* What you have to do *
When a picture appears among the records, leave it out, and copy all else exactly.

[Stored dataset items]
○ ○ ○ ○

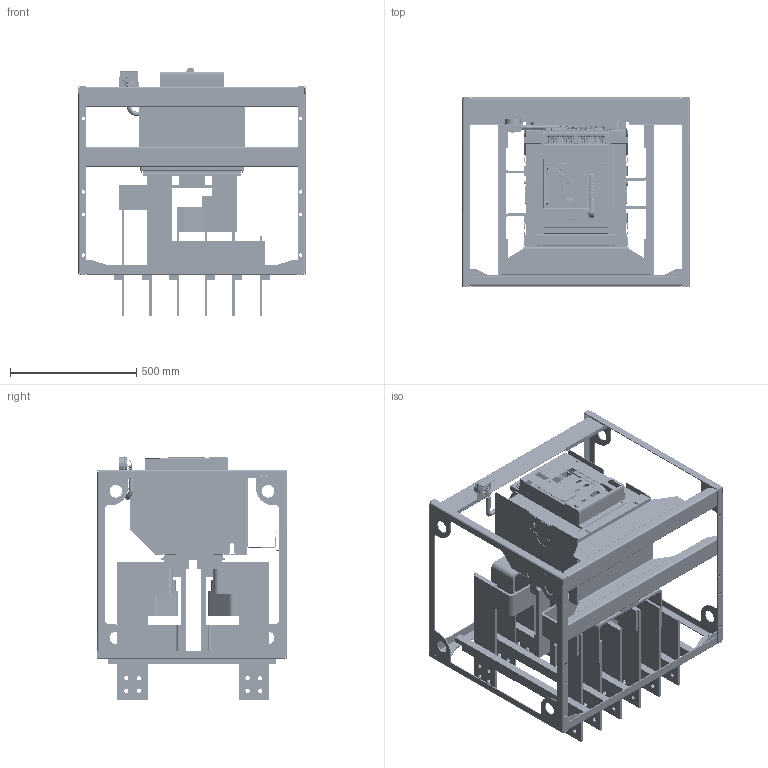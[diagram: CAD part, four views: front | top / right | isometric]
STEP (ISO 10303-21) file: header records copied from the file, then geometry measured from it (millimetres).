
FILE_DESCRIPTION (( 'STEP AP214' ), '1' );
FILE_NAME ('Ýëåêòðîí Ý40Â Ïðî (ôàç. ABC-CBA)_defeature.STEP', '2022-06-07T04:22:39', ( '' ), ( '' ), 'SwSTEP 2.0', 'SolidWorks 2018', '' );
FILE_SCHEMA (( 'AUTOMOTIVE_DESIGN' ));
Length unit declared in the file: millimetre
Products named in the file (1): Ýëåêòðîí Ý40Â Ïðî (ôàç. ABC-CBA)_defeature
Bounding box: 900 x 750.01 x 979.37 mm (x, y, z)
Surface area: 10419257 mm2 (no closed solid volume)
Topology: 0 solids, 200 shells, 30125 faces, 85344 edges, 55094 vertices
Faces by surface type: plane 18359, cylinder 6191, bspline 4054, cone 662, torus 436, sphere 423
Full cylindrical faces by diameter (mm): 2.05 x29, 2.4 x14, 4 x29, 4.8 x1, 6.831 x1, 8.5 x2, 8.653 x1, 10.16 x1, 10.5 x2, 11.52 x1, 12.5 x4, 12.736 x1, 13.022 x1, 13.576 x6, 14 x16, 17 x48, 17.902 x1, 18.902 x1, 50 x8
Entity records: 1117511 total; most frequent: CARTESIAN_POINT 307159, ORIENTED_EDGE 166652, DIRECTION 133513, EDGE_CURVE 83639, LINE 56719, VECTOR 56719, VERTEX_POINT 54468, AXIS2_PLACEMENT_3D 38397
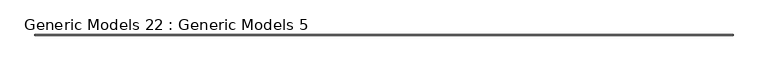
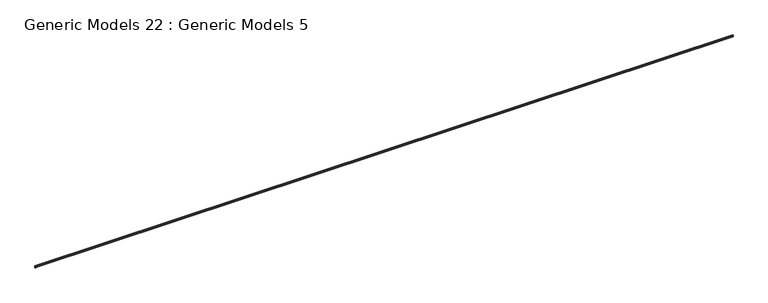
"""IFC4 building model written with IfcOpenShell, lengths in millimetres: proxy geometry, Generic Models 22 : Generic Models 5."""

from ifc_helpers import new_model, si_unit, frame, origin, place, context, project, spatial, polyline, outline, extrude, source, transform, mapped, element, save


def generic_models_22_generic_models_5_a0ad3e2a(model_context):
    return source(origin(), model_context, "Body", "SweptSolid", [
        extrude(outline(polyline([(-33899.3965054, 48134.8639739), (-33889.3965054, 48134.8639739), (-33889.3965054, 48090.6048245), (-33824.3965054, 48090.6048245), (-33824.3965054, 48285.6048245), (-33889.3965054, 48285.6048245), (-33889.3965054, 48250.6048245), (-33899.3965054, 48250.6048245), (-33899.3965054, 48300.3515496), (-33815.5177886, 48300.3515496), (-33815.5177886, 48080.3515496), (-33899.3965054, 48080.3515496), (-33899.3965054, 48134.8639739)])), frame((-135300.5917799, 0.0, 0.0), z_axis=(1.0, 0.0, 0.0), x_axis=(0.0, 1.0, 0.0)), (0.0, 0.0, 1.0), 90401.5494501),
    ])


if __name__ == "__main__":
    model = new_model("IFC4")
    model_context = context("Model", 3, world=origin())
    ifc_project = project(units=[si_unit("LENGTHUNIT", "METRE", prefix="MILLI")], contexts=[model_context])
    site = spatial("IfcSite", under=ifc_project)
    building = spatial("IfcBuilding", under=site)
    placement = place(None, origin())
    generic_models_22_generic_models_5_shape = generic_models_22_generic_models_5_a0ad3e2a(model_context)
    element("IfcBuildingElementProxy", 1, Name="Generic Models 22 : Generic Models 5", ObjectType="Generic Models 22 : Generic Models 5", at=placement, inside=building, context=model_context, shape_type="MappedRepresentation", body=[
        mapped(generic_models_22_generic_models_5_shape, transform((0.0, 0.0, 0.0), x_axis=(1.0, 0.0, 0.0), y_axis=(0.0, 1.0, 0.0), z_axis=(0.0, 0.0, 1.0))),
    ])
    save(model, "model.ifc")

○ ○ ○ ○

* Answer below *
[diagram: CAD part, four views: front | top / right | isometric]
STEP (ISO 10303-21) file: header records copied from the file, then geometry measured from it (millimetres).
FILE_DESCRIPTION (( 'STEP AP214' ), '1' );
FILE_NAME ('Ýëåêòðîí Ý40Â Ïðî (ôàç. ABC-CBA)_defeature.STEP', '2022-06-07T04:22:39', ( '' ), ( '' ), 'SwSTEP 2.0', 'SolidWorks 2018', '' );
FILE_SCHEMA (( 'AUTOMOTIVE_DESIGN' ));
Length unit declared in the file: millimetre
Products named in the file (1): Ýëåêòðîí Ý40Â Ïðî (ôàç. ABC-CBA)_defeature
Bounding box: 900 x 750.01 x 979.37 mm (x, y, z)
Surface area: 10419257 mm2 (no closed solid volume)
Topology: 0 solids, 200 shells, 30125 faces, 85344 edges, 55094 vertices
Faces by surface type: plane 18359, cylinder 6191, bspline 4054, cone 662, torus 436, sphere 423
Full cylindrical faces by diameter (mm): 2.05 x29, 2.4 x14, 4 x29, 4.8 x1, 6.831 x1, 8.5 x2, 8.653 x1, 10.16 x1, 10.5 x2, 11.52 x1, 12.5 x4, 12.736 x1, 13.022 x1, 13.576 x6, 14 x16, 17 x48, 17.902 x1, 18.902 x1, 50 x8
Entity records: 1117511 total; most frequent: CARTESIAN_POINT 307159, ORIENTED_EDGE 166652, DIRECTION 133513, EDGE_CURVE 83639, LINE 56719, VECTOR 56719, VERTEX_POINT 54468, AXIS2_PLACEMENT_3D 38397
"""IFC4 building model written with IfcOpenShell, lengths in millimetres: proxy geometry, Generic Models 22 : Generic Models 5."""

from ifc_helpers import new_model, si_unit, frame, origin, place, context, project, spatial, polyline, outline, extrude, source, transform, mapped, element, save


def generic_models_22_generic_models_5_a0ad3e2a(model_context):
    return source(origin(), model_context, "Body", "SweptSolid", [
        extrude(outline(polyline([(-33899.3965054, 48134.8639739), (-33889.3965054, 48134.8639739), (-33889.3965054, 48090.6048245), (-33824.3965054, 48090.6048245), (-33824.3965054, 48285.6048245), (-33889.3965054, 48285.6048245), (-33889.3965054, 48250.6048245), (-33899.3965054, 48250.6048245), (-33899.3965054, 48300.3515496), (-33815.5177886, 48300.3515496), (-33815.5177886, 48080.3515496), (-33899.3965054, 48080.3515496), (-33899.3965054, 48134.8639739)])), frame((-135300.5917799, 0.0, 0.0), z_axis=(1.0, 0.0, 0.0), x_axis=(0.0, 1.0, 0.0)), (0.0, 0.0, 1.0), 90401.5494501),
    ])


if __name__ == "__main__":
    model = new_model("IFC4")
    model_context = context("Model", 3, world=origin())
    ifc_project = project(units=[si_unit("LENGTHUNIT", "METRE", prefix="MILLI")], contexts=[model_context])
    site = spatial("IfcSite", under=ifc_project)
    building = spatial("IfcBuilding", under=site)
    placement = place(None, origin())
    generic_models_22_generic_models_5_shape = generic_models_22_generic_models_5_a0ad3e2a(model_context)
    element("IfcBuildingElementProxy", 1, Name="Generic Models 22 : Generic Models 5", ObjectType="Generic Models 22 : Generic Models 5", at=placement, inside=building, context=model_context, shape_type="MappedRepresentation", body=[
        mapped(generic_models_22_generic_models_5_shape, transform((0.0, 0.0, 0.0), x_axis=(1.0, 0.0, 0.0), y_axis=(0.0, 1.0, 0.0), z_axis=(0.0, 0.0, 1.0))),
    ])
    save(model, "model.ifc")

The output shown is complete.